To make sure your retirement isn't derailed by unexpected medical expenses, it makes sense to follow the advice of Shobin Uralil, chief operating officer and co-founder of the benefits solution provider Lively. Uralil recommends resolving to start saving for healthcare.
"While 401(k)s and IRAs are more widely known for retirement savings, not as many are prepared for health expenses," Uralil says. "Saving for healthcare -- now and into retirement -- should be everyone's New Year's resolution."
Uralil recommends investing in a health savings account (HSA) since these portable accounts offer important tax advantages that aren't available with most types of retirement accounts. HSAs also do not mandate required minimum distributions, as 401(k) and IRA accounts do after age 73.
You need to have a qualifying high-deductible health plan to invest in an HSA, though.
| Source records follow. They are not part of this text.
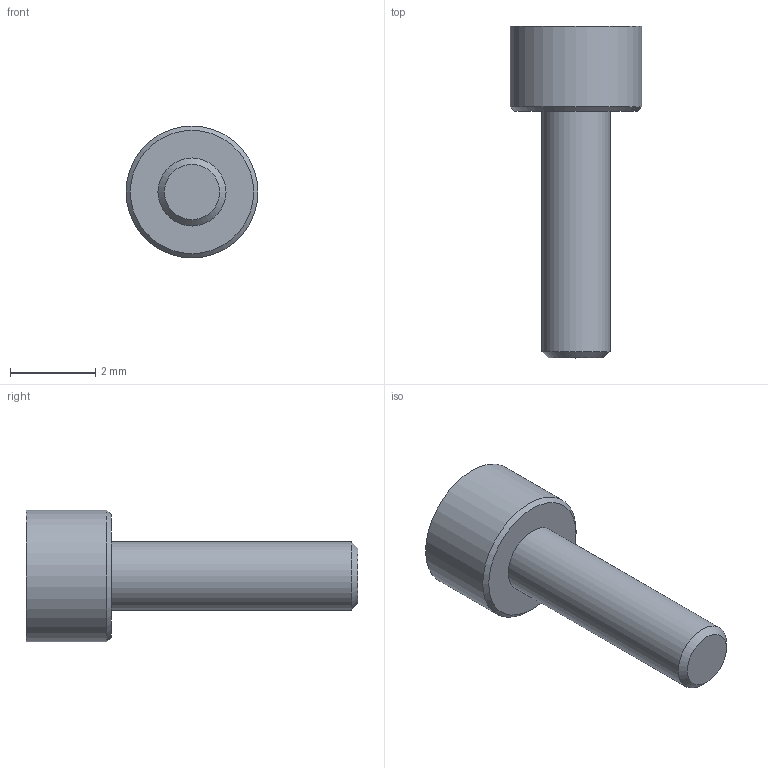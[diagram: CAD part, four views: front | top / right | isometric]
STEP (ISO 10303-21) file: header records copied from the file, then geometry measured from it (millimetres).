
FILE_DESCRIPTION (( 'STEP AP214' ), '1' );
FILE_NAME ('SK-6.STEP', '2018-10-09T18:04:27', ( '' ), ( '' ), 'SwSTEP 2.0', 'SolidWorks 2017', '' );
FILE_SCHEMA (( 'AUTOMOTIVE_DESIGN' ));
Length unit declared in the file: millimetre
Products named in the file (1): SK-6
Bounding box: 3.1 x 7.8 x 3.1 mm (x, y, z)
Volume: 26.3 mm3; surface area: 64.6 mm2
Topology: 1 solids, 1 shells, 20 faces, 48 edges, 32 vertices
Faces by surface type: plane 11, cylinder 7, cone 2
Full cylindrical faces by diameter (mm): 1.6 x1, 3.1 x1
Entity records: 574 total; most frequent: CARTESIAN_POINT 123, ORIENTED_EDGE 84, DIRECTION 80, EDGE_CURVE 42, VERTEX_POINT 30, AXIS2_PLACEMENT_3D 27, LINE 26, EDGE_LOOP 26

If you aren't eligible, you can still create a dedicated savings account earmarked for medical expenses.
8. Put your estate plan in place
Investing is about building wealth, but you'll also want to make sure you have plans in place to protect the assets you've worked so hard to acquire. If you don't already have an estate plan, resolve to make one this year.
Over 70% of Americans don't have a will. Having an estate plan is critical for helping you leave behind a legacy to your loved ones, as well as to the causes you love, says Allison Lee, director of trusts and estate content at FreeWill.
Lee recommends completing your estate plan while you're in good health rather than being forced into a "rushed estate planning process when your health is already in its declining stages."
Related investing topics
Goals for the new year
What goals should you set in the financial new year?
Each of these eight resolutions could help you to improve your financial wellness. But ultimately, you need to consider the state of your own finances when deciding what goals to set.
Whether it's paying off a personal loan or credit card debt, improving your financial literacy, boosting your credit score, or becoming a better investor, you should set a goal you believe in and then hold yourself accountable.
If you set SMART goals -- Specific, Measurable, Achievable, Relevant, and Time-bound -- you can maximize the chances that you'll actually stick to your financial New Year's resolutions all the way to 2025 and beyond. Get started now so you can ring in the next new year by celebrating the financial progress you made all year long.